Have ta'en new forms and fled;

The common sun goes up;

The dead are with the dead.

'T was but a phantom life

That seemed to think and will,

Evolving self and God

By some subjective skill;

That had its day of passage hither,

But knew no whence and knows no whither."

For this latest testimony of science to the reasonableness of the Christian hope, we have to thank the illustrious scientist, who has just risen from a well-rounded life of patient fidelity to truth into the realization of the great coming change.

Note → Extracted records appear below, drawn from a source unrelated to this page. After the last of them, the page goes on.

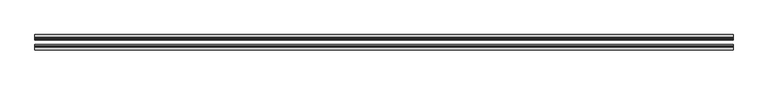
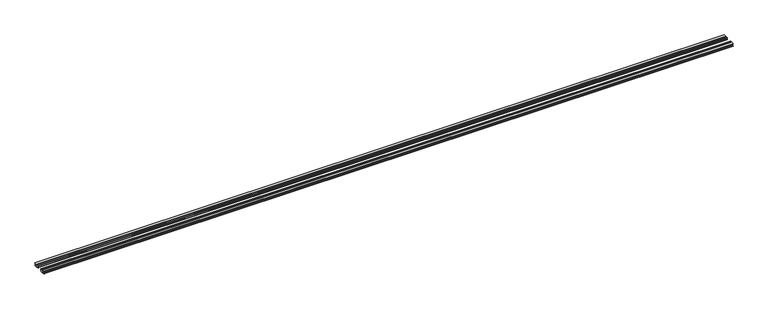
"""IFC4 building model written with IfcOpenShell, lengths in millimetres: proxy geometry, Generic Models 6:Generic Models 2:318829:Generic Models 2:318829 : Generic Models 6:Generic Models 2:318829:5 : Generic Models 6:Generic Models 2:318829:Generic Models 2:318829 : Generic Models 6:Generic Models 2:318829:300683."""

from ifc_helpers import new_model, si_unit, frame, origin, place, context, project, spatial, polyline, outline, extrude, source, transform, mapped, element, save


def generic_models_0e043b0c(model_context):
    return source(origin(), model_context, "Body", "SweptSolid", [
        extrude(outline(polyline([(-568227.2740999, 8555.9596728), (-568225.9836784, 8556.5391492), (-568224.0193157, 8558.1643773), (-568223.1187854, 8560.189749), (-568223.4229673, 8562.2984134), (-568224.8842748, 8564.1604896), (-568227.2740999, 8565.4846728), (-568218.4719617, 8565.4846728), (-568219.0380747, 8564.036028), (-568219.5086038, 8560.7221728), (-568219.0380747, 8557.4083176), (-568218.4719617, 8555.9596728), (-568227.2740999, 8555.9596728)])), frame((591391.6367242, 0.0, 0.0), z_axis=(1.0, 0.0, 0.0), x_axis=(0.0, 1.0, 0.0)), (0.0, 0.0, 1.0), 2438.4),
        extrude(outline(polyline([(-568232.4091752, 8556.0790786), (-568235.2735965, 8556.9987004), (-568237.2558376, 8558.6558015), (-568237.9632913, 8560.7221728), (-568237.2558376, 8562.7885441), (-568235.2735965, 8564.4456452), (-568232.4091752, 8565.365267), (-568230.8195413, 8565.4846728), (-568229.2299073, 8565.365267), (-568226.365486, 8564.4456452), (-568224.3832449, 8562.7885441), (-568223.6757913, 8560.7221728), (-568224.3832449, 8558.6558015), (-568226.365486, 8556.9987004), (-568229.2299073, 8556.0790786), (-568230.8195413, 8555.9596728), (-568232.4091752, 8556.0790786)])), frame((591391.6367242, 0.0, 0.0), z_axis=(1.0, 0.0, 0.0), x_axis=(0.0, 1.0, 0.0)), (0.0, 0.0, 1.0), 2438.4),
        extrude(outline(polyline([(-568263.5473576, 8555.9596728), (-568272.3494958, 8555.9596728), (-568271.7833829, 8557.4083176), (-568271.3128538, 8560.7221728), (-568271.7833829, 8564.036028), (-568272.3494958, 8565.4846728), (-568263.5473576, 8565.4846728), (-568265.9371827, 8564.1604896), (-568267.3984902, 8562.2984134), (-568267.7026721, 8560.189749), (-568266.8021418, 8558.1643773), (-568264.8377791, 8556.5391492), (-568263.5473576, 8555.9596728)])), frame((591391.6367242, 0.0, 0.0), z_axis=(1.0, 0.0, 0.0), x_axis=(0.0, 1.0, 0.0)), (0.0, 0.0, 1.0), 2438.4),
        extrude(outline(polyline([(-568258.4122823, 8556.0790786), (-568260.0019163, 8555.9596728), (-568261.5915502, 8556.0790786), (-568264.4559715, 8556.9987004), (-568266.4382126, 8558.6558015), (-568267.1456663, 8560.7221728), (-568266.4382126, 8562.7885441), (-568264.4559715, 8564.4456452), (-568261.5915502, 8565.365267), (-568260.0019163, 8565.4846728), (-568258.4122823, 8565.365267), (-568255.547861, 8564.4456452), (-568253.5656199, 8562.7885441), (-568252.8581663, 8560.7221728), (-568253.5656199, 8558.6558015), (-568255.547861, 8556.9987004), (-568258.4122823, 8556.0790786)])), frame((591391.6367242, 0.0, 0.0), z_axis=(1.0, 0.0, 0.0), x_axis=(0.0, 1.0, 0.0)), (0.0, 0.0, 1.0), 2438.4),
    ])


if __name__ == "__main__":
    model = new_model("IFC4")
    model_context = context("Model", 3, world=origin())
    ifc_project = project(units=[si_unit("LENGTHUNIT", "METRE", prefix="MILLI")], contexts=[model_context])
    site = spatial("IfcSite", under=ifc_project)
    building = spatial("IfcBuilding", under=site)
    placement = place(None, origin())
    generic_models_shape = generic_models_0e043b0c(model_context)
    element("IfcBuildingElementProxy", 1, Name="Generic Models 6:Generic Models 2:318829:Generic Models 2:318829 : Generic Models 6:Generic Models 2:318829:5 : Generic Models 6:Generic Models 2:318829:Generic Models 2:318829 : Generic Models 6:Generic Models 2:318829:300683", ObjectType="Generic Models 6:Generic Models 2:318829:Generic Models 2:318829 : Generic Models 6:Generic Models 2:318829:5 : Generic Models 6:Generic Models 2:318829:Generic Models 2:318829 : Generic Models 6:Generic Models 2:318829:300683", at=placement, inside=building, context=model_context, shape_type="MappedRepresentation", body=[
        mapped(generic_models_shape, transform((0.0, 0.0, 0.0), x_axis=(1.0, 0.0, 0.0), y_axis=(0.0, 1.0, 0.0), z_axis=(0.0, 0.0, 1.0))),
    ])
    save(model, "model.ifc")

# Revit data of these elements
# Type "Generic Models 6:Generic Models 2:318829:Generic Models 2:318829 : Generic Models 6:Generic Models 2:318829:5 : Generic Models 6:Generic Models 2:318829:Generic Models 2:318829 : Generic Models 6:Generic Models 2:318829:300683"
#   NameOverride = "Generic Models 6:Generic Models 2:318829:Generic Models 2:318829 : Generic Models 6:Generic Models 2:318829:300683"
#   ObjectTypeOverride = "Generic Models 2:318829 : Generic Models 6:Generic Models 2:318829"
#   Reference = "Generic Models 2"
#   Tag = "300683"
# Element 1 (IfcBuildingElementProxy, "Generic Models 6:Generic Models 2:318829:Generic Models 2:318829 : Generic Models 6:Generic Models 2:318829:5 : Generic Models 6:Generic Models 2:318829:Generic Models 2:318829 : Generic Models 6:Generic Models 2:318829:300683")
#   Materials on its faces: "SEALANT & BACKER ROD, IF NECESSARY"
# Materials
#   "SEALANT & BACKER ROD, IF NECESSARY": class "Unassigned", colour RGB 120 120 120, transparency 0, Cost = 0

The relation which his scientific views may have assumed toward special Christian doctrines, in his own way of thinking, can not impair the benefit which they may render to Christianity as well as to theism in the thinking of others. The words which the venerable burial service of the Church of England uttered over his grave in that historic abbey may through his labors flash into some bewildered minds a clearer conviction of a divine reality. "Behold, I show you a mystery. We shall all be changed. For this corruptible must put on incorruption, and this mortal must put on immortality."

ARTICLE V.-THE PRESERVATION OF THE CLASSIC TEXTS.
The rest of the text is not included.